Just not worth bothering, no one sees mine so will leave till warmer. Just rely on the sealant I put on in September. Unless a paid job I don't clean my car anymore, I just don't have time, Morrisons power wash does the job for the detailing wagon.


----------



## -Kev- (Oct 30, 2007)

joys of white wheels - this is one week since last clean :lol:



















not sure what the black dots are in the pics, looks like the camera lens on my phone is marked :wall:


----------



## leachy (Sep 20, 2011)

Kev's Fiesta looks clean in comparison to mine but I guess that's the price of having to drive 500 miles a week. I'm hoping though that it'll be warm enough on Wednesday to wash it and in a slightly perverse way I'm looking forward to it as the results will be worth the effort. I'll take pics as it's washed just to show how bad it is!


----------



## -Kev- (Oct 30, 2007)

good point, i only do about 100-150 miles a week..


----------



## leachy (Sep 20, 2011)

-Kev- said:


> good point, i only do about 100-150 miles a week..


I was referencing yours because I have the same car in the same colour. I'm trying not to wash it weekly but I'm finding it incredibly difficult in this weather. All it takes is a few motorway miles and it's covered in oily marks.

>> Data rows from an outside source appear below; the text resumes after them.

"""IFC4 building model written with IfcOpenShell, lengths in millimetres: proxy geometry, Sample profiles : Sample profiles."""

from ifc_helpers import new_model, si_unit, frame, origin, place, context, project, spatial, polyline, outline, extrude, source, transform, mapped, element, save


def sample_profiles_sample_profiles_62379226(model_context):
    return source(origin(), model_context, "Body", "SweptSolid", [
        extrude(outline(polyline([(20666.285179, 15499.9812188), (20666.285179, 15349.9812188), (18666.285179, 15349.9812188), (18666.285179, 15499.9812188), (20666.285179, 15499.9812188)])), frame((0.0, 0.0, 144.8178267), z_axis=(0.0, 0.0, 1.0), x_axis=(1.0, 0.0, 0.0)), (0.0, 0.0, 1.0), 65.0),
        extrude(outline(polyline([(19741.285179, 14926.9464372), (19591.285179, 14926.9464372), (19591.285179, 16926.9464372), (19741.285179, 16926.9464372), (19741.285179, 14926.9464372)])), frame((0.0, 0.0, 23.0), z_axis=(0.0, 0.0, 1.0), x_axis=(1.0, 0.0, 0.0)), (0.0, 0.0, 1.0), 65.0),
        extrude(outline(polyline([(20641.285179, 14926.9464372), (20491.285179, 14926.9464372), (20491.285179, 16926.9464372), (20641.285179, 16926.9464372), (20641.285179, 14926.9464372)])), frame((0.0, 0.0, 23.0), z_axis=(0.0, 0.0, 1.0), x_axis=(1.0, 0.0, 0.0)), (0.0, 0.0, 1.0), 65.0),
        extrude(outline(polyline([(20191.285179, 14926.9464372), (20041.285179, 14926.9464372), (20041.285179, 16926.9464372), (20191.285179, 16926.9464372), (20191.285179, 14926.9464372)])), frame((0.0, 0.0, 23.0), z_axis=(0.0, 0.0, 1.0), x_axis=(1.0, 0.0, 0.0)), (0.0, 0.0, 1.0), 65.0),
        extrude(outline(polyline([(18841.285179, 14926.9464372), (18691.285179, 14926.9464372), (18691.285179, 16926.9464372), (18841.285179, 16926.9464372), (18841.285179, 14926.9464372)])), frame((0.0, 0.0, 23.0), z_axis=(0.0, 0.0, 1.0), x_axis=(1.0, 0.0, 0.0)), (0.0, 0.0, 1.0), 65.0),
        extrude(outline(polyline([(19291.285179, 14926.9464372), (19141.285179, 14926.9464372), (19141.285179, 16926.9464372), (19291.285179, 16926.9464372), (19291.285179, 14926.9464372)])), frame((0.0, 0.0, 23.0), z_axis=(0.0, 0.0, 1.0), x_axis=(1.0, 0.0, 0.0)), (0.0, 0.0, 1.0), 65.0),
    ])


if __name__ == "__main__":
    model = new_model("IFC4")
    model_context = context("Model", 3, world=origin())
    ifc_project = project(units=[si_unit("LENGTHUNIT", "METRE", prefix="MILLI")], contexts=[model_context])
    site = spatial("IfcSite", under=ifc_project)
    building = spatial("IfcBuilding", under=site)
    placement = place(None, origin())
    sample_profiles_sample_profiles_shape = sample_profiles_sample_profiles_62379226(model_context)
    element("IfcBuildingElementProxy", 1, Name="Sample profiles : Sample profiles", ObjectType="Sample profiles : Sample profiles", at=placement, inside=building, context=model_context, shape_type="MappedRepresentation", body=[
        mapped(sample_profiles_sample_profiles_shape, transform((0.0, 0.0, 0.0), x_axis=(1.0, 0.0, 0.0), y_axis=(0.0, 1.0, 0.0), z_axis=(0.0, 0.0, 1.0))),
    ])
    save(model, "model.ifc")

I'm hoping to try Werkstatt Acrylic next year in the hope it repels the dirt better than wax - not sure it will though.


----------



## Ninja59 (Feb 17, 2009)

Mine has not moved since last Thursday! lol  still hiding away


----------



## -Kev- (Oct 30, 2007)

it does, i swear by the werkstat jett sealant 
mines getting concours car care's ceramishield on wheels (after repaint), glass and paintwork (after its seen a spray gun on a few parts) in the spring. similar product to gtechniq C1


----------



## leachy (Sep 20, 2011)

I've been tempted by the C1 option. I'm definitely getting C5 for the wheels but waiting until the spring so that I can take them off the car for a full wash, de-tox, de-tar, IPA wipedown and seal.


----------



## Darlofan (Nov 24, 2010)

I've just spent the weekend driving from N Wales to Darlington and back and oh my god I nearly cried when I got there never mind back!! Another 200 miles to do tomorrow then local till I finish on Thursday so will have to get it washed then. Only thing is when it's this bad it looks so much better when done.


----------



## leachy (Sep 20, 2011)

Well here's how mine started today:










































After a rinse, APC, Spray Wash, 2BM Mitt Wash, drying and a layer of Project 32 it looked like this:


















































Much happier with it, except that after the 10 mile drive from my folks place to home it then looked like this!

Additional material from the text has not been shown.